On January 11, 2011, M.J. Akbar’s brilliant book on Pakistan titled Tinderbox was released in New Delhi.  Presently the author has left for a short trip to the U.S. for a book tour of the country to coincide with the release of the American edition of Tinderbox.

I remember that on the very day this book was released in India last year, a ghastly murder took place in Pakistan. Salman Taseer, Governor of Pakistan’s most populous state, Punjab, was assassinated by a member of his personal security detail. Taseer had invited the fanatic’s wrath because of his outspoken defence of a Christian woman, Aasia Bibi, at that point of time facing a death penalty on charges of blasphemy. The Punjab Governor had been boldly advocating repeal of blasphemy laws.

In his introduction to the book, Akbar wrote:

Muslims of British India had opted for a separate homeland in 1947, destroying the possibility of a secular India in which Hindus and Muslims would coexist, because they believed that they would be physically safe, and their religion secure, in a new nation called Pakistan. Instead, within six decades, Pakistan had become one of the most violent nations on earth, not because Hindus were killing Muslims, but because Muslims were killing Muslims.

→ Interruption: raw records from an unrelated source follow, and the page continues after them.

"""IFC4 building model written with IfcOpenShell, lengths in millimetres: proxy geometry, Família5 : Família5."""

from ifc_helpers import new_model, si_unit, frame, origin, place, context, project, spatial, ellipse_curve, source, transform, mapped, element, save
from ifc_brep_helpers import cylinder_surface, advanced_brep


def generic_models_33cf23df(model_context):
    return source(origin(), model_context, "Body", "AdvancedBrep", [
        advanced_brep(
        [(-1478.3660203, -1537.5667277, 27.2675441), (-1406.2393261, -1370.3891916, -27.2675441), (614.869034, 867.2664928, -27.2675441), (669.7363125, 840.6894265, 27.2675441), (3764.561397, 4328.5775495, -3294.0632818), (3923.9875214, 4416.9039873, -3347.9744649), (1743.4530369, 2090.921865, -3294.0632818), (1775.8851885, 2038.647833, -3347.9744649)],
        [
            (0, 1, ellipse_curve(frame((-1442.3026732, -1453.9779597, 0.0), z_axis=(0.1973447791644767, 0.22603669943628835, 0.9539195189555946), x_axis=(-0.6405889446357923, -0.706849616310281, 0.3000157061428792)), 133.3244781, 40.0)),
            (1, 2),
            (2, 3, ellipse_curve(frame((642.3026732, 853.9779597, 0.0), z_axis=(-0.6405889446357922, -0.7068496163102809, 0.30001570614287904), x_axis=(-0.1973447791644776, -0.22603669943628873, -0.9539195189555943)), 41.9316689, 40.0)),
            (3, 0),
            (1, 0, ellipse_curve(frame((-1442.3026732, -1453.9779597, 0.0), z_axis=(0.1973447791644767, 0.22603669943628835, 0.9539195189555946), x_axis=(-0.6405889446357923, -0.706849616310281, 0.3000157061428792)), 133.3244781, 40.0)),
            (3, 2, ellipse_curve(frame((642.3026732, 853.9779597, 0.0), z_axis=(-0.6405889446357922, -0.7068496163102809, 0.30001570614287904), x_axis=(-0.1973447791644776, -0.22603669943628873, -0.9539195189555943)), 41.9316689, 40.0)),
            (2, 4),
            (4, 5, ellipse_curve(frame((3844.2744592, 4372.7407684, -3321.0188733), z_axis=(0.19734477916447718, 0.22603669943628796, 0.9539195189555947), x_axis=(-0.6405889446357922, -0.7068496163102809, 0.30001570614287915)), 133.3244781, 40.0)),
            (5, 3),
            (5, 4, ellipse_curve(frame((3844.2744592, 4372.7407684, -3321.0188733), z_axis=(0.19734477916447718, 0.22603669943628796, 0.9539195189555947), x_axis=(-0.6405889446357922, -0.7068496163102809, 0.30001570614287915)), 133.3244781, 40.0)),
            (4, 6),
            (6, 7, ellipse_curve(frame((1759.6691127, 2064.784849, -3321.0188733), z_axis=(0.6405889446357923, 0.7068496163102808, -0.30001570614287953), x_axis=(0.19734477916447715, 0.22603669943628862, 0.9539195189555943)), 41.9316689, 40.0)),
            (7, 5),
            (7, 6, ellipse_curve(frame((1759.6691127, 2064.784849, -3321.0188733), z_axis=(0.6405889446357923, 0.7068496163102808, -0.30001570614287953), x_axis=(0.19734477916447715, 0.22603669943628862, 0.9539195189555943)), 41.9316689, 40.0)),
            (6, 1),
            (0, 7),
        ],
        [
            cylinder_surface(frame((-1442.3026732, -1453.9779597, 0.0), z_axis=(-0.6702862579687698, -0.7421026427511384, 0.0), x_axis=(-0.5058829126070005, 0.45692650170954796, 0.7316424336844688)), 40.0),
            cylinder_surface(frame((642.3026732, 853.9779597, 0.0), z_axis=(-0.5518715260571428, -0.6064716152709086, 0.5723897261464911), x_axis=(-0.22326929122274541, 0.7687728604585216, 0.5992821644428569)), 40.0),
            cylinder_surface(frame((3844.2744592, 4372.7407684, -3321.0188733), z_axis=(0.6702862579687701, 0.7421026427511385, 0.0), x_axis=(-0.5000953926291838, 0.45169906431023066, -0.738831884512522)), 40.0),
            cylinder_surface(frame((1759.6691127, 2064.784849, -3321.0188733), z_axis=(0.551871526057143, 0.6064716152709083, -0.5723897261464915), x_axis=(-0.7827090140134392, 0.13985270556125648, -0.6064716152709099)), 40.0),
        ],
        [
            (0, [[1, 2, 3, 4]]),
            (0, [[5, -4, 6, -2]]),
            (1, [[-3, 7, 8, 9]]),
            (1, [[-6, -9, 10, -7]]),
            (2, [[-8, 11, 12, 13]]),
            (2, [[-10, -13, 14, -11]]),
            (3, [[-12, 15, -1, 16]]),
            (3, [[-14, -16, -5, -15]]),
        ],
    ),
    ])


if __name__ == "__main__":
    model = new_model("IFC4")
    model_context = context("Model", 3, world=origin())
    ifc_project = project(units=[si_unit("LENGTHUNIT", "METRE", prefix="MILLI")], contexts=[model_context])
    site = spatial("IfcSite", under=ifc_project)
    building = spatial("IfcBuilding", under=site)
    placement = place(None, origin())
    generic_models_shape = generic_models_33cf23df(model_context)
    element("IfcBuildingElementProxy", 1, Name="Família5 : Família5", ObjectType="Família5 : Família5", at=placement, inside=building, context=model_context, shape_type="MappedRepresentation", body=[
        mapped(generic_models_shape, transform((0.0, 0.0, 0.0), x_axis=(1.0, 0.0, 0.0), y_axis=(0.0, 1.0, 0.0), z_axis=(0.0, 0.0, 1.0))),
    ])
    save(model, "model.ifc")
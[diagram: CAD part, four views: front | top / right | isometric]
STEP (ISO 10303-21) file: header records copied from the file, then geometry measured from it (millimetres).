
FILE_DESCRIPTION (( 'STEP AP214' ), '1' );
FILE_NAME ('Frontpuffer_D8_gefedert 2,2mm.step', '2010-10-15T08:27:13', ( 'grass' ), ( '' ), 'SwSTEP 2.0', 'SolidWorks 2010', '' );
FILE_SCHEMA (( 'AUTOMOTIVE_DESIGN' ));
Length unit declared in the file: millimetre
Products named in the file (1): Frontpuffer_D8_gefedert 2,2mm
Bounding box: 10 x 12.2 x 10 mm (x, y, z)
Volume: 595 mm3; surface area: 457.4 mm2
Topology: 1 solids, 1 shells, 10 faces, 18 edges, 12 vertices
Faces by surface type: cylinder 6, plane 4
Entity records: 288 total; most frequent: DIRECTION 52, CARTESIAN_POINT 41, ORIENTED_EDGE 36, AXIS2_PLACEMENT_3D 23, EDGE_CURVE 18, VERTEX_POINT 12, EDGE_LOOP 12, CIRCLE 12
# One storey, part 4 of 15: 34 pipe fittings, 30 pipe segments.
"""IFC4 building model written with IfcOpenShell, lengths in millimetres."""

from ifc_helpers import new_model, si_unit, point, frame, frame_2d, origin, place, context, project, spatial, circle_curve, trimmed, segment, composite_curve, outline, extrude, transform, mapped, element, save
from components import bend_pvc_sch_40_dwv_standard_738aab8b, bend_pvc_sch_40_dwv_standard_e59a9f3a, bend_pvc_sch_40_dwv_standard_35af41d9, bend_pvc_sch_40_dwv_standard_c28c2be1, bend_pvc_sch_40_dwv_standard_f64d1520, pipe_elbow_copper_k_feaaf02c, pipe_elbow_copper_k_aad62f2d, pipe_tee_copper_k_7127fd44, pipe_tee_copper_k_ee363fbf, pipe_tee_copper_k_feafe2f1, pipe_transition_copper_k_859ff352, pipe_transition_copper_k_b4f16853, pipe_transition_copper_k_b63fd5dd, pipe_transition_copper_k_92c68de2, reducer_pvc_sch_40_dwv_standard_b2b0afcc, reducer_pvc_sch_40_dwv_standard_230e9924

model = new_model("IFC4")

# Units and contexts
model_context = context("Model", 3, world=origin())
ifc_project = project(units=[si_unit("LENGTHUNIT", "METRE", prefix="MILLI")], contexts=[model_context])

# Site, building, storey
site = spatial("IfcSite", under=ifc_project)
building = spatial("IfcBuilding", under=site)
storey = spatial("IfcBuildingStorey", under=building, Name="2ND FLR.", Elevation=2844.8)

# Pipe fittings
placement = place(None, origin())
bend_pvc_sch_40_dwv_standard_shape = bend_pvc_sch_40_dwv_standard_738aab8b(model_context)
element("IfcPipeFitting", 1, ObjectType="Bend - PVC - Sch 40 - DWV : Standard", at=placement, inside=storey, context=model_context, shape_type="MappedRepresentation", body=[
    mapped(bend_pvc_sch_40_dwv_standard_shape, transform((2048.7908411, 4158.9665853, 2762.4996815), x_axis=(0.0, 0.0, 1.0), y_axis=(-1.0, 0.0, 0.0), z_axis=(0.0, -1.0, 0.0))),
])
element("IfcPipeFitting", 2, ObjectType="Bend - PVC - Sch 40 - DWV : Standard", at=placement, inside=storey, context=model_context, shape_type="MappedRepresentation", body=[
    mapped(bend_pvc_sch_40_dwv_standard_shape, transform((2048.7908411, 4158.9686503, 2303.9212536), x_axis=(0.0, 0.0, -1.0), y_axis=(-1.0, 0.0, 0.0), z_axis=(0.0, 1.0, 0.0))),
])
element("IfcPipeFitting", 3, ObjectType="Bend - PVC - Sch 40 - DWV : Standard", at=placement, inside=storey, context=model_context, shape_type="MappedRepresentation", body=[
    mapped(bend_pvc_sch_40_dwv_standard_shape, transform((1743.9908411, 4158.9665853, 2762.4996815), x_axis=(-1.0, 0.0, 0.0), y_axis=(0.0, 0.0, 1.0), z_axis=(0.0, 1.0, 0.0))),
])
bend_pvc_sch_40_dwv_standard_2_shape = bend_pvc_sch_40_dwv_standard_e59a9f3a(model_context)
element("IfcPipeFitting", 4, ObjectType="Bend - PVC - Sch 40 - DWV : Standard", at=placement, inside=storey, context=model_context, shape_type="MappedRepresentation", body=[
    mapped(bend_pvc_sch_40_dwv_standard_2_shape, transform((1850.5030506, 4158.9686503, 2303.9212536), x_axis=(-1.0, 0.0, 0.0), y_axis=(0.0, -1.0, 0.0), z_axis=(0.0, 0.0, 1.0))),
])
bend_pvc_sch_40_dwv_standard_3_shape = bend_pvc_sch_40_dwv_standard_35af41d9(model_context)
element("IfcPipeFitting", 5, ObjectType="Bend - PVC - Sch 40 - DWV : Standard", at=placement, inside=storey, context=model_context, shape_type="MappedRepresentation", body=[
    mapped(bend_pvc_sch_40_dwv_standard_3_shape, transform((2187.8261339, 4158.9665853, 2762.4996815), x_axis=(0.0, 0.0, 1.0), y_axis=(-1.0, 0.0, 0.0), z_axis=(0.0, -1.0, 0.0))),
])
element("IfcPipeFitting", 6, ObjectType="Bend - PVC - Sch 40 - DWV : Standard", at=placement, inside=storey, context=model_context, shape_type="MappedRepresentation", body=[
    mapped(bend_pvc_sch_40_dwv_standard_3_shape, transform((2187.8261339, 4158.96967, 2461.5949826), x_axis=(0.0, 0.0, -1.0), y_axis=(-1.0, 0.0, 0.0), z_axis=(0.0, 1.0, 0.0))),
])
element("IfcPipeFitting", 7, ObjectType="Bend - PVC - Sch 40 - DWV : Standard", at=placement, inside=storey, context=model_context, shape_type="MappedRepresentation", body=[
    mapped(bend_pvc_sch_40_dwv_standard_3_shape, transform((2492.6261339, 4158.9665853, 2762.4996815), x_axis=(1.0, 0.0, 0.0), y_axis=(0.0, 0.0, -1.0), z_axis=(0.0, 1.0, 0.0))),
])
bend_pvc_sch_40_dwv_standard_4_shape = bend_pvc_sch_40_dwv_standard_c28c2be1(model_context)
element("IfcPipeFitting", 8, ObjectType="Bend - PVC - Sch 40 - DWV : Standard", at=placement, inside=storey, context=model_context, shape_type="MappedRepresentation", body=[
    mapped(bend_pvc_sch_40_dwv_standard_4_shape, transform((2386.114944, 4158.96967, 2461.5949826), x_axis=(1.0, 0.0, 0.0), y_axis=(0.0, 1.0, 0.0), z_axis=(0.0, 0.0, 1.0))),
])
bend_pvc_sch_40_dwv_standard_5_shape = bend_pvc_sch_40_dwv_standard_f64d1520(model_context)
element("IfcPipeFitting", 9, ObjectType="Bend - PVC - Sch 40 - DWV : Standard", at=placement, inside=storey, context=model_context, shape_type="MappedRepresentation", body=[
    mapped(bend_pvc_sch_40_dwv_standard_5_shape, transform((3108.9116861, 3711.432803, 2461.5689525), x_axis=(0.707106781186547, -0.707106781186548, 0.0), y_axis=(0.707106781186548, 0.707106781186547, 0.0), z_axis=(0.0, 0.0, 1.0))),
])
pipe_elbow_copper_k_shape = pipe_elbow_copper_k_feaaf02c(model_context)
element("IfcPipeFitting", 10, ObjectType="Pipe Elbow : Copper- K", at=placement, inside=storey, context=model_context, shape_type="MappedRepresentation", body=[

In his very brief speech that day, M.J. Akbar referred to the grim tragedy that had occurred in Lahore that very day, and affirmed:

If Salman Taseer had been in India, he would not have died !


Last week, the media carried some select news items based on a book of memoirs titled ‘Turning Points’, written by former Rashtrapati Dr. Kalam. I was surprised to find reports supposed to be based on the book about Gujarat in which Vajpayeeji was being found fault with for trying to protect the Narendra Modi Government. Dr. Kalam’s book has not been released as yet. But I have been able to procure Chapter Nine of this book captioned “My Visit to Gujarat”. Dr. Kalam says that his visit to Gujarat in August 2002 was his “first major task” after taking over as President.  He adds:

“As no president had ever visited an area under such circumstances, many questioned the necessity of my visit to the state at this juncture. At the ministry and bureaucratic level, it was suggested that I should not venture into Gujarat at that point of time. One of the main reasons was political. However, I made up my mind that I would go and Rashtrapati Bhavan was in full swing to make this my first visit as President. Vajpayee asked me only one question, ‘Do you consider going to Gujarat at this time essential ?’ I told the PM, ‘I consider it an important duty so that I can be of some use to remove the pain, and also accelerate the relief activities, and bring about a unity of minds, which is my mission, as I stressed in my address during the swearing-in-ceremony.”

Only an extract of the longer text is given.